The economy of the UAE continued its upward trajectory during the first quarter of 2026, supported by growth in foreign trade and investment and the resilience of the financial and banking sector, according to official data and international reports.
According to Emirates News Agency (WAM), data from the Central Bank of the UAE showed total banking assets increased by 1.1 per cent to exceed AED5.472 trillion, while bank deposits rose by 1.9pc to reach AED 3.4trn, reflecting strong financial stability and a capital adequacy ratio of 17pc.
Global rating agencies Moody’s and S&P Global Ratings reaffirmed the UAE’s strong sovereign position with a stable outlook, supported by economic resilience and consolidated government net assets estimated at around 184pc of GDP in 2026.

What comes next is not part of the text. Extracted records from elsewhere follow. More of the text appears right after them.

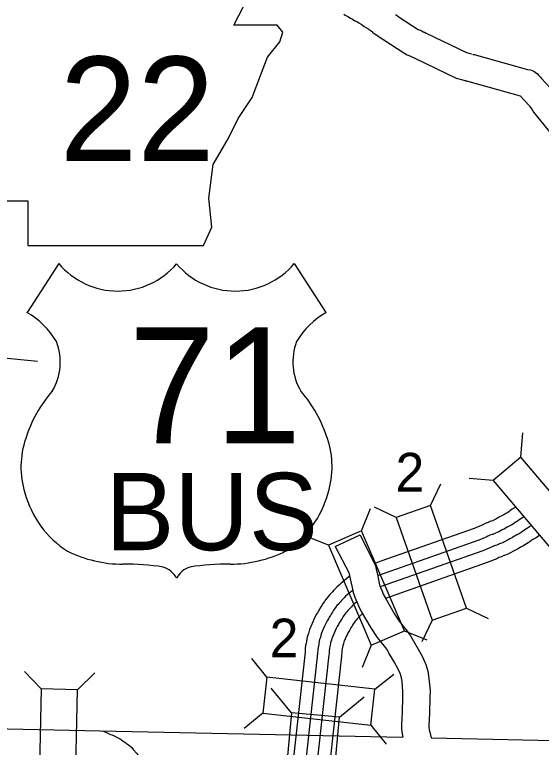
# Model space of a CAD drawing. Extents: x 535214 to 694517, y 381272 to 484355.
# Drawn here: x 541245 to 544123, y 450462 to 454464 of the extents above; entities that cross this region are included whole.
import ezdxf

# ---------------------------------------------------------------- set-up
doc = ezdxf.new("R2010")
doc.units = 0
for name, color, linetype in [('Level 10', 7, 'Continuous'), ('Level 15', 7, 'Continuous'), ('Level 19', 7, 'Continuous'), ('Level 20', 7, 'Continuous'), ('Level 21', 7, 'Continuous'), ('Level 22', 7, 'Continuous')]:
    doc.layers.add(name, color=color, linetype=linetype)

msp = doc.modelspace()

# ---------------------------------------------------------------- linework, layer by layer
at = {"layer": 'Level 10'}
for points in [[(543043.8, 454467.5), (543051.3, 454462.3), (543058.3, 454458.2), (543064.8, 454454.3), (543080.2, 454445.3), (543091.2, 454439.9), (543104.8, 454431.3), (543117.8, 454424.8), (543126.1, 454419.7), (543137.8, 454411.9), (543143.5, 454408.2), (543155, 454400.3), (543167.1, 454392.4), (543174.1, 454388.6), (543176.8, 454386.7), (543187.2, 454378.9), (543195.6, 454373.8), (543198.4, 454371.7), (543201.2, 454369.5), (543209, 454361.9), (543223.9, 454351.5), (543230.3, 454347.8), (543237, 454342.4), (543245.6, 454337.9), (543247.7, 454336.3), (543261.7, 454326.2), (543372.3, 454255.6), (543390.6, 454245.2), (543404.1, 454239.8), (543408.3, 454237.4), (543423.6, 454230.3), (543428, 454228.7), (543431.1, 454227.4), (543658.1, 454117.9), (543700.3, 454105.7), (543709.2, 454103.8)], [(543325.9, 454465.2), (543336.9, 454457), (543346.1, 454450.3), (543449.8, 454384), (543455.6, 454380.7), (543469.2, 454375.4), (543477, 454370.9), (543480.8, 454369.2), (543484.5, 454367.8), (543494.4, 454363.3), (543713.4, 454257.8), (543734.1, 454252.1), (543737.3, 454251.2), (543741.4, 454250.3)], [(543746.1, 454249.1), (543751.1, 454247.6), (543755.7, 454246.3), (544048.3, 454165.2), (544064.2, 454163.4), (544081.3, 454155), (544089.7, 454150.1), (544101.9, 454141.2), (544109.7, 454131.9), (544110.5, 454131), (544118, 454123.7), (544124.4, 454115.6), (544171.2, 454064.1), (544177.7, 454055.6), (544187.3, 454043.2), (544196.4, 454028.9), (544202.3, 454019.9), (544277.6, 453926.2), (544282.3, 453920.1), (544289.2, 453912), (544301, 453903), (544302, 453901.6), (544306.2, 453898.2), (544381.7, 453834.2)], [(543704.5, 454105), (543709.5, 454103.5), (543714.9, 454102), (544007.8, 454020.8), (544056, 453967.8), (544058.7, 453964.4), (544064.3, 453957), (544070.5, 453947.4), (544080.8, 453931.6), (544159.6, 453833.6), (544161.7, 453830.9), (544165.8, 453824.5), (544188.5, 453799.1), (544207.3, 453785.3), (544210.8, 453782.4), (544291, 453714.4)], [(542997, 451560.3), (543132.9, 451623.8)], [(543132.9, 451623.8), (543216.1, 451453.5), (543220.6, 451435.3), (543225.3, 451414.8), (543235, 451367.8), (543239.2, 451350.8), (543244.5, 451335.1), (543252.9, 451314.9), (543259.6, 451298.9), (543270.8, 451277.1), (543319.6, 451193.6), (543346.8, 451151.1), (543366.8, 451126.6), (543390.4, 451096.5), (543408.9, 451071.4), (543422.9, 451045.5), (543450.5, 450998.7), (543474.2, 450957.5), (543492.6, 450914.5), (543503.1, 450877.7), (543507.3, 450852.4), (543509.2, 450837.8), (543514.8, 450773.7), (543514.3, 450734.2), (543512.1, 450648.7), (543508.5, 450581.8), (543508.6, 450572), (543510.4, 450558.7), (543513, 450544.5), (543520.6, 450514.2)], [(542997, 451560.3), (543070.5, 451417.8), (543074.6, 451400.9), (543078.7, 451383), (543088.7, 451334.7), (543095, 451308.9), (543104, 451282.3), (543114.4, 451257.2), (543123.5, 451235.5), (543139.3, 451204.8), (543191.6, 451115.3), (543225.1, 451062.9), (543249.7, 451032.8), (543270.9, 451005.8), (543282, 450990.8), (543292.3, 450971.7), (543320.8, 450923.3), (543339.8, 450890.4), (543351, 450864.1), (543356.6, 450844.6), (543358.9, 450830.8), (543360, 450821.9), (543364.7, 450768.1), (543364.3, 450737.1), (543362.3, 450654.7), (543358.5, 450584.9), (543358.8, 450561.4), (543362.1, 450535.5), (543365.4, 450517.5)], [(541712.2, 450552.7), (543365.4, 450517.5)], [(543520.6, 450514.2), (544358, 450496.3)]]:
    msp.add_lwpolyline(points, dxfattribs=at)
at = {"layer": 'Level 15'}
for points in [[(540958.8, 454767.6), (540924.2, 453475.4), (540903.6, 452646.1), (540863.3, 450747.6), (540863.7, 450746.9), (540866.1, 450744.1), (540868.4, 450741.3), (540881.1, 450730.1), (540887.4, 450723), (540891.4, 450719.5), (540903.1, 450710), (540909.5, 450704.5), (540913.7, 450701.3), (540923.2, 450696.1), (540938.6, 450683.7), (540947.7, 450677.1), (540992.5, 450646.6), (541019.7, 450628.8), (541036.5, 450618.5), (541122.5, 450565.3), (541712.2, 450552.7)], [(541727.5, 450553.1), (541761.4, 450536.2), (541769.5, 450532.8), (541775.4, 450530.3), (541787.8, 450525.6), (541799, 450519.6), (541801.2, 450518.7), (541817.5, 450510.8), (541828, 450503.4), (541838.5, 450496.7), (541851.9, 450487), (541856.5, 450483.2), (541867.6, 450476.4), (541885, 450461.9), (541893.3, 450450.8), (541901.3, 450441.1), (541903.9, 450437.7), (541911.2, 450430.6), (541921.8, 450416.4), (541925.8, 450409.1), (541930.1, 450403), (541995.4, 450287.6)]]:
    msp.add_lwpolyline(points, dxfattribs=at)
at = {"layer": 'Level 19'}
for points in [[(543980.6, 451773), (543964.1, 451762.7), (543951.7, 451753.6), (543946.3, 451749.5), (543940.8, 451745.8), (543936.1, 451742.7), (543929.6, 451739.4), (543917.7, 451733.3), (543906, 451726.6), (543903.1, 451724.8), (543894.2, 451720.6), (543884.1, 451714), (543880.8, 451712.3), (543873.8, 451708.6), (543859.9, 451701), (543859, 451700.5), (543847.1, 451697.4), (543832.5, 451689.9), (543816.1, 451684.5), (543799.4, 451676.4), (543795.1, 451674), (543756.5, 451658.5), (543245.5, 451479), (543210.3, 451465.4)], [(544026.6, 451720.2), (544025.4, 451719.4), (544015.9, 451714), (544002.9, 451705.9), (543992.9, 451698.5), (543986.1, 451693.4), (543978.6, 451688.4), (543970.6, 451683.2), (543961.1, 451678.3), (543950.5, 451672.9), (543940.7, 451667.3), (543935.7, 451664.3), (543927.9, 451660.5), (543919.2, 451654.9), (543913.1, 451651.6), (543906.1, 451648), (543892.2, 451640.3), (543886.1, 451637.2), (543881.4, 451635.3), (543871.8, 451632.8), (543857.9, 451625.6), (543854.4, 451624.7), (543842, 451620.6), (543831, 451615.3), (543824.5, 451611.7), (543780.7, 451594.2), (543228.3, 451400)], [(544064, 451670.1), (544058.2, 451666.2), (544047.9, 451660.3), (544038.1, 451654.2), (544030.3, 451648.4), (544022.2, 451642.3), (544012.9, 451636.1), (544002, 451629.1), (543989.7, 451622.7), (543980.4, 451617.9), (543972.3, 451613.3), (543965.4, 451609.2), (543958.4, 451605.8), (543951.2, 451601.2), (543942.5, 451596.4), (543935.5, 451592.8), (543921.6, 451585.1), (543911.9, 451580.1), (543900.7, 451575.8), (543894.3, 451574.1), (543880.4, 451566.9), (543872.1, 451564.7), (543865.5, 451562.6), (543859.7, 451559.7), (543851.3, 451555.1), (543802.7, 451535.6), (543242.9, 451338.9)], [(544112.2, 451619.8), (544110, 451618.1), (544094.3, 451607.6), (544083.1, 451601.3), (544076.9, 451597.4), (544071.4, 451593.3), (544062, 451586.2), (544050.6, 451578.7), (544036.6, 451569.5), (544021.2, 451561.6), (544013.2, 451557.5), (544007.1, 451554), (543998.1, 451548.6), (543992, 451545.7), (543986.4, 451542.1), (543974.8, 451535.7), (543967.9, 451532.1), (543954, 451524.5), (543940.1, 451517.3), (543921.9, 451510.3), (543919.1, 451509.5), (543905.2, 451502.4), (543891.5, 451498.8), (543891.4, 451498.7), (543891.3, 451498.7), (543880.7, 451492.9), (543826.9, 451471.3), (543271.4, 451276.1)], [(543075.4, 451397.4), (543045.1, 451371.1), (543039.2, 451365.7), (543029.9, 451358.5), (543019.7, 451349.8), (543005.3, 451337.4), (542995.5, 451326.7), (542989.8, 451320.8), (542981.4, 451311.7), (542974.6, 451304.7), (542966.1, 451295.3), (542960.1, 451288.1), (542952.5, 451279.6), (542942.5, 451265.9), (542937.5, 451258.3), (542931.1, 451249.8), (542923.8, 451237.7), (542918.5, 451230.1), (542911.5, 451218), (542904.7, 451207.2), (542899.8, 451197.7), (542893.5, 451187.3), (542889, 451178.4), (542882.4, 451166.8), (542875.7, 451152.2), (542862.7, 451121.6), (542856, 451106.2), (542851.8, 451091.8), (542849.9, 451084.4), (542848.6, 451080.4), (542845.2, 451069.7), (542841.9, 451056.1), (542839.5, 451040.1), (542839.1, 451038), (542837.4, 451030.6), (542835, 451019.2), (542833.4, 451002.4), (542833.1, 450995.9), (542832.4, 450990.1), (542831.6, 450982.3), (542688.9, 449683.3)], [(543092.3, 451320), (543073.3, 451305.2), (543064.3, 451297.6), (543053.4, 451288.1), (543045.6, 451279.5), (543039.7, 451273.5), (543031.4, 451264.4), (543024.8, 451257.7), (543018.1, 451250.3), (543012.2, 451243.1), (543006.1, 451236.3), (542998.9, 451226.5), (542993.6, 451218.6), (542988.2, 451211.4), (542981.6, 451200.3), (542976.5, 451193.1), (542970.3, 451182.4), (542964.5, 451173.1), (542959.9, 451164.3), (542953.6, 451153.7), (542949.5, 451145.8), (542943.7, 451135.5), (542938.6, 451124.4), (542925.9, 451094.5), (542920.8, 451082.7), (542918.1, 451073.7), (542915.9, 451064.9), (542913.8, 451058.8), (542911.4, 451051.3), (542909.5, 451042.9), (542907.4, 451029.6), (542906.7, 451024.8), (542904.5, 451015.6), (542903.1, 451008.9), (542902, 450997.1), (542901.6, 450990.3), (542900.8, 450982.6), (542899.9, 450974.7), (542757.4, 449677.1)], [(543114.1, 451257.8), (543104.9, 451250.1), (543097.1, 451243.3), (543091.1, 451236.7), (543085.1, 451230.5), (543076.7, 451221.4), (543070.4, 451215), (543065.3, 451209.3), (543059.5, 451202.3), (543054.7, 451197), (543050.1, 451190.7), (543044.6, 451182.4), (543040.1, 451176.5), (543034.1, 451166.4), (543029.3, 451159.5), (543023.8, 451150), (543018.8, 451142.1), (543014.6, 451133.9), (543008.2, 451123.2), (543004.5, 451116.1), (542999.5, 451107.2), (542995.8, 451099.2), (542983.3, 451069.8), (542979.7, 451061.4), (542978.5, 451057.3), (542975.9, 451047.1), (542973.2, 451039.1), (542971.7, 451034.6), (542970.8, 451030.9), (542969.2, 451020.1), (542968.1, 451012.8), (542965.5, 451002), (542965, 450999.6), (542964.3, 450992.4), (542963.9, 450985.2), (542962.9, 450975.8), (542962, 450967.7), (542819.7, 449671.4)], [(543145.6, 451194.1), (543135, 451183.3), (543126.7, 451174.2), (543120.6, 451168), (543117.3, 451164.3), (543111.5, 451157.3), (543108.3, 451153.7), (543106.5, 451151.3), (543100.7, 451142.7), (543097.3, 451138), (543091.8, 451129), (543087.3, 451122.5), (543082.6, 451114.4), (543078.6, 451108.1), (543074.7, 451100.4), (543068.2, 451089.7), (543065, 451083.5), (543060.8, 451076), (543058.7, 451071.4), (543046.5, 451042.6), (543044.6, 451038.2), (543041.9, 451027.6), (543038.4, 451017.5), (543038.3, 451016.9), (543037.1, 451009.6), (543035.6, 450999.7), (543033, 450988.9), (543032.9, 450987.2), (543032.4, 450979.5), (543031.3, 450968.4), (543030.3, 450960.1), (542888.1, 449665.1)]]:
    msp.add_lwpolyline(points, dxfattribs=at)
at = {"layer": 'Level 20'}
for p, q in [((544010.6, 452048.1), (544021.4, 452179.7)), ((543859.6, 451920.1), (543728.1, 451930.8)), ((543516.7, 451783.1), (543573.8, 451902.1)), ((543329.9, 451717.4), (543210.9, 451774.5)), ((543141.2, 451644.2), (543190.3, 451766.7)), ((542959.2, 451566.3), (542836.7, 451615.4)), ((543713.6, 451222.7), (543832.6, 451165.6)), ((543526.8, 451157), (543469.7, 451038)), ((543374.9, 451098.1), (543497.4, 451049)), ((543192.8, 451020.2), (543143.7, 450897.7)), ((542623, 450845.3), (542540.4, 450948.2)), ((541390.2, 450781.6), (541298.9, 450876.9)), ((541588.2, 450777.4), (541683.5, 450868.7)), ((543213.4, 450780.4), (543316.4, 450863)), ((542758.3, 450650.6), (542646, 450785.7)), ((543020.7, 450626.4), (543155.8, 450738.7)), ((542601.3, 450648.5), (542498.4, 450565.9)), ((543191.8, 450583.6), (543274.4, 450480.6))]:
    msp.add_line(p, q, dxfattribs=at)
for points in [[(544394.9, 451595.2), (544010.6, 452048.1), (543859.6, 451920.1), (544243.9, 451467.1)], [(543713.6, 451222.7), (543516.7, 451783.1), (543329.9, 451717.4), (543526.8, 451157)], [(543374.9, 451098.1), (543141.2, 451644.2), (542959.2, 451566.3), (543192.8, 451020.2)], [(543213.4, 450780.4), (542623, 450845.3), (542601.3, 450648.5), (543191.8, 450583.6)], [(541390.2, 450781.6), (541377.6, 450187.8), (541575.5, 450183.6), (541588.2, 450777.4)], [(542758.3, 450650.6), (542717.9, 450218.9), (542980.3, 450194.7), (543020.7, 450626.4)]]:
    msp.add_lwpolyline(points, close=True, dxfattribs=at)
at = {"layer": 'Level 21'}
msp.add_line((540825.4, 452626.7), (541369.3, 452572.6), dxfattribs=at)
msp.add_lwpolyline([(541103.5, 454635.2), (541172.1, 454178.5), (541141.6, 453485.7), (541202.5, 453447.6), (541316.7, 453447.6), (541316.7, 453204), (542276, 453204), (542321.6, 453303), (542306.4, 453462.8), (542329.2, 453645.5), (542413, 453790.2), (542466.3, 453896.8), (542542.4, 454011), (542588.1, 454132.8), (542626.2, 454231.7), (542694.7, 454315.5), (542709.9, 454368.8), (542679.4, 454406.8), (542443.4, 454406.8), (542496.7, 454513.4), (542504.3, 454581.9), (542472.8, 454634.6)], close=True, dxfattribs=at)
at = {"layer": 'Level 22'}
for p, q in [((541486.1, 453104.6), (541313, 452836.9)), ((542773, 453104.6), (542946.1, 452836.9))]:
    msp.add_line(p, q, dxfattribs=at)
for centre, radius, start, end in [((541808.4, 453375.8), 421.2, 220.075, 319.6701), ((542450.7, 453375.8), 421.2, 220.3299, 319.925), ((541086.9, 452448.3), 449.7, 30.7809, 59.9883), ((543172.3, 452448.3), 449.7, 120.0117, 149.2191), ((541185.8, 452566.9), 308.3, 328.8105, 21.2108), ((543073.3, 452566.9), 308.3, 158.7892, 211.1895), ((541991.9, 451935), 719.2, 138.9565, 162.6913), ((542267.2, 451935), 719.2, 17.3087, 41.0435), ((541754.5, 451994), 475.2, 160.9576, 197.3819), ((542504.6, 451994), 475.2, 342.6181, 19.0424), ((541831.9, 451995.3), 549.8, 195.1074, 237.1312), ((542427.3, 451995.3), 549.8, 302.8688, 344.8926), ((541842.1, 452168.5), 706, 244.0771, 269.5779), ((542417, 452168.5), 706, 270.4221, 295.9229), ((541858.5, 450169.3), 1293.3, 81.1942, 90.9539), ((542400.7, 450169.3), 1293.3, 89.0461, 98.8058), ((542020.2, 451328.9), 123.9, 28.0342, 72.9864), ((542239, 451328.9), 123.9, 107.0136, 151.9658)]:
    msp.add_arc(centre, radius, start, end, dxfattribs=at)

# ---------------------------------------------------------------- texts
at = {"layer": 'Level 20'}
for p in [(543326.3, 451859.8), (542638.5, 450954.2)]:
    msp.add_text('2', height=211.2, dxfattribs=at).set_placement(p)
at = {"layer": 'Level 21'}
msp.add_text('22', height=570.24, dxfattribs=at).set_placement((541490.4, 453664.8))
at = {"layer": 'Level 22'}
for s, height, p in [('71', 633.6, (541868.6, 452122.3)), ('BUS', 422.4, (541740.8, 451539.3))]:
    msp.add_text(s, height=height, dxfattribs=at).set_placement(p)

doc.saveas('drawing.dxf')

In foreign trade, the UAE continued advancing its strategy to increase non-oil trade to AED4trn by 2031, signing Comprehensive Economic Partnership Agreements (CEPA) during the first quarter with the Philippines, Nigeria, the Democratic Republic of the Congo, and Gabon.
The country ranked ninth globally among merchandise exporters, according to the World Trade Organisation.
The business sector recorded notable growth, with the number of registered companies exceeding 1.45 million, alongside continued increases in issued and renewed commercial licences across the emirates.
Mubadala Investment Company reported strong cumulative returns, while Adnoc maintained its position among the world’s 100 most valuable brands.
Financial centres in the UAE also advanced globally, with Dubai rising to seventh place in the Global Financial Centres Index (GFCI). UAE dirham-denominated Treasury bonds recorded strong demand, with bids in March exceeding 4.4 times the issuance size, reflecting confidence in the country’s investment environment and fiscal policies.